*To*: Tobias Nipkow <nipkow at in.tum.de>*Subject*: Re: [isabelle] need help with quantified ints*From*: Thomas Arthur Leck Sewell <tsewell at cse.unsw.EDU.AU>*Date*: Mon, 23 Jun 2008 11:26:39 +1000 (EST)*Cc*: isabelle-users <isabelle-users at cl.cam.ac.uk>, Patrice Chalin <chalin at encs.concordia.ca>, Perry James <perry at dsrg.org>*In-reply-to*: <485E8105.3000809@in.tum.de>*References*: <20d5caff0806191432n5f0a77e1q112a7b34154a0e69@mail.gmail.com> <Pine.LNX.4.64.0806202054050.1369@weill.orchestra.cse.unsw.EDU.AU> <485E8105.3000809@in.tum.de>

Perhaps a more direct specialisation to your problem is to use the "int _ <= _" pattern in the helper lemma.
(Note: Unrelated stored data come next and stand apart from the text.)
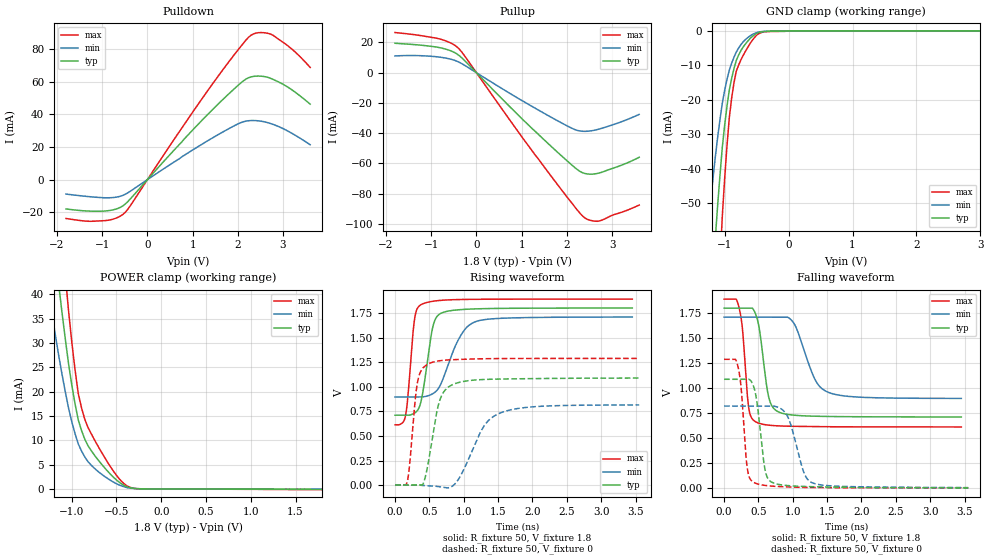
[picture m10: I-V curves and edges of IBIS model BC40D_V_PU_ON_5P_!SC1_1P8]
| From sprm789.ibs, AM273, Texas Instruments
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|   Model Cell BC40D_V_PU_ON_5P_!SC1_1P8
|BC40D_V_PU_ON_5P_!SC1_1P8
[Model]   BC40D_V_PU_ON_5P_!SC1_1P8
Model_type   I/O
Polarity   Non-Inverting
Enable   Active-Low
Vinl =  0.63
Vinh =  1.17
Cref =  15pF
Rref =  100.0000M
Vref =  0V
Vmeas =  0.9
C_comp   2.233931p   2.204415p   2.290246p
|[Input load] weak_pu_on
|[Output drive] fast
|[supplytol] 5
|[temp] ind
[Model Spec]
Vinl   0.63   0.5985   0.6615
Vinh   1.17   1.1115   1.2285
[Temperature Range]   25   125   -40
[Voltage Range]   1.8   1.71   1.89
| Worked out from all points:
|   slope of the pulldown table from 0 to 0.27 V, typ, clamps not added: 32.2 ohm
|   slope of the pullup table from 0 to 0.27 V, typ, clamps not added: 32.5 ohm
|   GND clamp passes 1 mA (typ) near -0.52 V on its own axis
|   POWER clamp passes 1 mA (typ) near -0.44 V on its own axis
|   rising waveform, R_fixture 50, V_fixture 1.8: 20-80 % time 141ps typ, 293ps min, 91.4ps max; typ from 0.711 V to 1.8 V
|   rising waveform, R_fixture 50, V_fixture 0: 20-80 % time 174ps typ, 351ps min, 104ps max; typ from 0.002 V to 1.09 V
|   falling waveform, R_fixture 50, V_fixture 1.8: 20-80 % time 128ps typ, 263ps min, 86.1ps max; typ from 1.8 V to 0.711 V
|   falling waveform, R_fixture 50, V_fixture 0: 20-80 % time 111ps typ, 195ps min, 82.6ps max; typ from 1.09 V to 0.002 V
| Nom Voltages:
|   VDD=1.1, VDDS=1.8, VDDS18=1.8, ESD_BIASFET=0, VSS=0, VSSS=0
| Min Voltages:
|   VDD=1.045, VDDS=1.71, VDDS18=1.71, ESD_BIASFET=0, VSS=0, VSSS=0
| Max Voltages:
|   VDD=1.16, VDDS=1.89, VDDS18=1.89, ESD_BIASFET=0, VSS=0, VSSS=0
[POWER_clamp]
|   voltage   I(typ)   I(min)   I(max)
-1.8V     158.8mA    112.5mA    219.8mA
-1.255V   59.97mA    40.01mA    84.91mA
-1.145V   41.92mA    27.41mA    59.76mA
-1.109V   36.32mA    23.62mA    51.83mA
-1.073V   30.96mA    20.04mA    44.16mA
-1.036V   25.83mA    16.67mA    36.76mA
-963.6mV  17.54mA    11.39mA    24.56mA
-890.9mV  12.01mA    7.798mA    16.67mA
-818.2mV  8.875mA    5.598mA    12.64mA
-563.6mV  2.954mA    1.726mA    4.46mA
-272.7mV  55.97uA    39.54uA    57.56uA
1.8V      -99.94uA   -59.14uA   -145.1uA
[Pulldown]
|   voltage   I(typ)   I(min)   I(max)
-1.8V     -17.92mA   -8.85mA    -23.8mA
-1.309V   -19.26mA   -10.37mA   -25.51mA
-927.3mV  -19.22mA   -11.12mA   -25.08mA
-654.5mV  -17.65mA   -10.56mA   -23.13mA
-490.9mV  -14.97mA   -8.985mA   -20.05mA
1.364V    40.78mA    24.32mA    55.7mA
2.073V    59.41mA    35mA       81.9mA
2.291V    62.96mA    36.2mA     88.48mA
2.509V    63.41mA    35.84mA    90.12mA
2.782V    61.38mA    33.82mA    88.42mA
3.218V    54.59mA    28.02mA    79.45mA
3.6V      46.26mA    21.39mA    68.79mA
[Pullup]
|   voltage   I(typ)   I(min)   I(max)
-1.8V     19.47mA    11.11mA    26.55mA
-818.2mV  16.61mA    10.32mA    22.37mA
-545.5mV  14.21mA    8.765mA    19.31mA
-381.8mV  11.35mA    6.928mA    15.71mA
1.255V    -37.58mA   -22.7mA    -52.59mA
2.127V    -61.49mA   -36.97mA   -86.91mA
2.291V    -65.3mA    -38.55mA   -92.97mA
2.4V      -66.65mA   -38.77mA   -96.07mA
2.564V    -67.08mA   -38.3mA    -97.93mA
2.727V    -66.24mA   -37.15mA   -97.99mA
3.273V    -60.4mA    -31.68mA   -91.65mA
3.6V      -55.92mA   -27.55mA   -87.52mA
[GND_clamp]
|   voltage   I(typ)   I(min)   I(max)
-1.8V     -270.2mA   -170.2mA   -430.1mA
-1.255V   -91.68mA   -55.92mA   -148.5mA
-1.145V   -59.94mA   -36.46mA   -97.14mA
-1.109V   -50.51mA   -30.84mA   -81.61mA
-1.073V   -41.77mA   -25.67mA   -67.13mA
-1.036V   -33.71mA   -20.95mA   -53.68mA
-927.3mV  -17.15mA   -11.38mA   -25.19mA
-854.5mV  -10.96mA   -7.663mA   -15.08mA
-781.8mV  -7.031mA   -5.001mA   -9.947mA
-563.6mV  -1.569mA   -1.041mA   -2.641mA
-18.18mV  0A         0A         0A
3.6V      0A         0A         0A
[Ramp]
| variable   typ   min   max
dV/dt_f 0.66507934/0.13047563n 0.49947306/0.26909371n 0.77654614/87.861951p
dV/dt_r 0.66370141/0.17654672n 0.50912868/0.36419589n 0.78039356/0.10498627n
R_load = 50
[Rising Waveform]
R_fixture = 50
V_fixture = 1.8
V_fixture_min = 1.71
V_fixture_max = 1.89
|   time   V(typ)   V(min)   V(max)
0s        710.6mV    895.2mV    613mV
149.8ps   710.6mV    895.2mV    696.6mV
183.7ps   710.6mV    895.2mV    877.5mV
284.2ps   732.1mV    895.2mV    1.689V
384.1ps   869.5mV    896.4mV    1.836V
548.5ps   1.604V     928.8mV    1.868V
678.4ps   1.749V     1.045V     1.878V
943.6ps   1.783V     1.505V     1.886V
1.179ns   1.791V     1.663V     1.888V
3.453ns   1.8V       1.708V     1.89V
[Rising Waveform]
R_fixture = 50
V_fixture = 0
V_fixture_min = 0
V_fixture_max = 0
|   time   V(typ)   V(min)   V(max)
0s        2.151mV    0V         3.038mV
177.5ps   2.151mV    0V         34.93mV
323.4ps   2.151mV    0V         1.032V
404.2ps   7.379mV    -3.367mV   1.188V
483.3ps   228mV      -6.923mV   1.232V
647.8ps   855.9mV    -16.03mV   1.264V
857.4ps   1.027V     2.586mV    1.275V
1.281ns   1.073V     585.4mV    1.284V
1.514ns   1.078V     728.1mV    1.286V
3.554ns   1.088V     815mV      1.288V
[Falling Waveform]
R_fixture = 50
V_fixture = 1.8
V_fixture_min = 1.71
V_fixture_max = 1.89
|   time   V(typ)   V(min)   V(max)
0s        1.8V       1.71V      1.89V
215ps     1.8V       1.71V      1.814V
269.6ps   1.8V       1.71V      1.578V
357.6ps   1.8V       1.71V      808.4mV
468ps     1.724V     1.71V      660.2mV
646.5ps   919.7mV    1.71V      629.7mV
789.1ps   763.1mV    1.71V      622.3mV
1.018ns   729.3mV    1.647V     617.9mV
1.502ns   716.5mV    962.7mV    613.8mV
3.453ns   711.4mV    897.1mV    611.7mV
[Falling Waveform]
R_fixture = 50
V_fixture = 0
V_fixture_min = 0
V_fixture_max = 0
|   time   V(typ)   V(min)   V(max)
0s        1.089V     820.4mV    1.288V
199.2ps   1.089V     820.4mV    1.225V
249.5ps   1.089V     820.4mV    995mV
337.2ps   1.089V     820.4mV    202.8mV
438.5ps   998.1mV    820.4mV    54.99mV
592.1ps   199.6mV    820.4mV    26.96mV
703.1ps   56.11mV    820.4mV    19.3mV
920ps     25.47mV    722.5mV    12.07mV
1.285ns   13.94mV    52.56mV    5.243mV
3.554ns   2.463mV    4.989mV    2.437mV
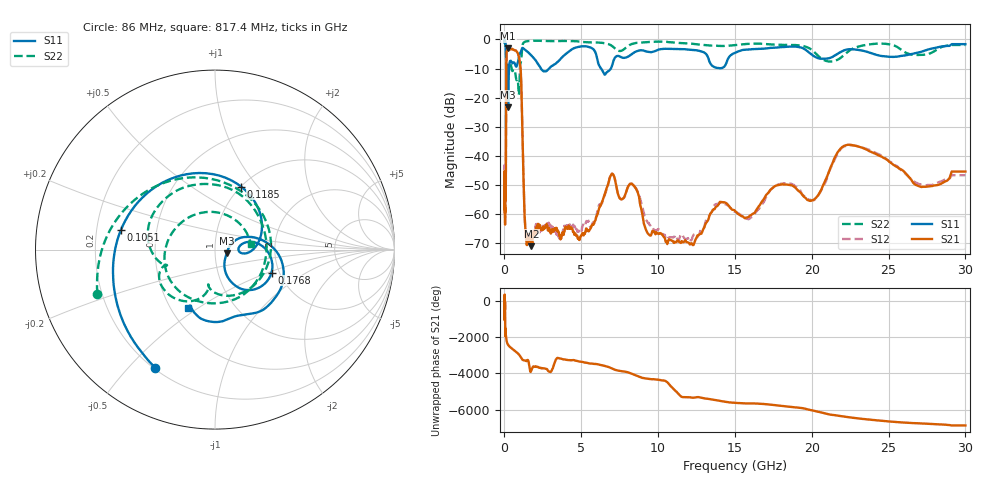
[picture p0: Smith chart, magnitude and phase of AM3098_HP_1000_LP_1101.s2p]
! Date/Time: Thu, Feb 28, 2019 8:40 AM
! Network Analyzer: Agilent Technologies E8364B Rev: A.07.50.67
! Sweep from 0.010 to 30.000 GHz, 1601 Points, Sweep Type: LOG
! Power Supply: 5.023 V, 0.002 A
# Hz S DB R 50
!freq MagS11 AngS11 MagS21 AngS21 MagS12 AngS12 MagS22 AngS22
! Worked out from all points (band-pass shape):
!   1601 points, 10 MHz to 30 GHz, reference 50 ohm
!   highest |S21| = -3.10 dB at 241.1 MHz (marker M1); lowest = -70.9 dB at 1.758 GHz (marker M2)
!   |S21| within 3 dB of the highest: 127.9 MHz to 943.2 MHz (815.3 MHz wide, 152 % of centre)
!   lowest |S11| = -23.4 dB at 238.7 MHz (marker M3), VSWR 1.15, Z = 56.8 - j2.41 ohm
!   |S11| at or under -10 dB: 192 MHz to 298.9 MHz (106.9 MHz wide, 43.5 % of centre); 2.371 GHz to 2.905 GHz (533.5 MHz wide, 20.2 % of centre); 6.286 GHz to 6.926 GHz (639.8 MHz wide, 9.69 % of centre)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
!   |S22| runs from -19.0 to -0.4 dB; largest |S21 - S12| = 0.011
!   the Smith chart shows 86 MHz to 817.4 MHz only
!   S11 on the Smith chart (normalised r, x): 86 MHz: 0.21, -0.60; 105.1 MHz: 0.31, +0.09; 118.5 MHz: 1.00, +0.82; 176.8 MHz: 1.82, -0.53; 817.4 MHz: 0.61, -0.46
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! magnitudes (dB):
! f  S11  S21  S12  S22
! 10 MHz  -0.4  -46.1  -44.4  -0.6
! 38.04 MHz  -0.5  -57.6  -58.2  -1.0
! 86 MHz  -2.6  -51.6  -54.0  -3.1
! 105.1 MHz  -5.4  -27.2  -27.3  -7.0
! 118.5 MHz  -8.4  -10.8  -10.8  -10.3
! 144.7 MHz  -16.9  -4.3  -4.2  -13.2
! 176.8 MHz  -9.4  -3.7  -3.7  -8.9
! 238.7 MHz  -23.4  -3.1  -3.1  -11.0
! 241.1 MHz  -23.2  -3.1  -3.0  -10.9
! 317.5 MHz  -8.7  -3.3  -3.3  -8.3
! 550.5 MHz  -8.1  -3.5  -3.4  -10.7
! 817.4 MHz  -8.9  -4.3  -4.2  -13.9
! 1.066 GHz  -4.3  -11.4  -11.4  -7.9
! 1.382 GHz  -3.7  -66.9  -67.2  -0.7
! 1.758 GHz  -5.6  -70.9  -66.6  -0.5
! 2.084 GHz  -7.6  -64.7  -63.9  -0.5
! 4.952 GHz  -2.4  -67.6  -66.3  -0.8
! 7.926 GHz  -6.2  -52.3  -52.8  -2.7
! 11.89 GHz  -3.5  -69.6  -68.4  -1.4
! 20.1 GHz  -5.6  -55.1  -55.3  -4.0
! 22.56 GHz  -3.4  -36.2  -36.4  -3.5
! 30 GHz  -1.6  -45.3  -46.6  -1.9

Also, as Tobias points out, these helpers can be proven by arith: lemma int_le_val_disj: "m > 0 ==> (int n <= m) = (int n = m | int n <= m - 1)" by arith lemma "int n <= 12 ==> P" apply (simp add: int_le_val_disj) oops A similar trick was used in our project to prove that {0 ..< 5} was equal to {0, 1, 2, 3, 4} - once again, specialisation to the syntactic form in which the < appears was helpful. Yours, Thomas.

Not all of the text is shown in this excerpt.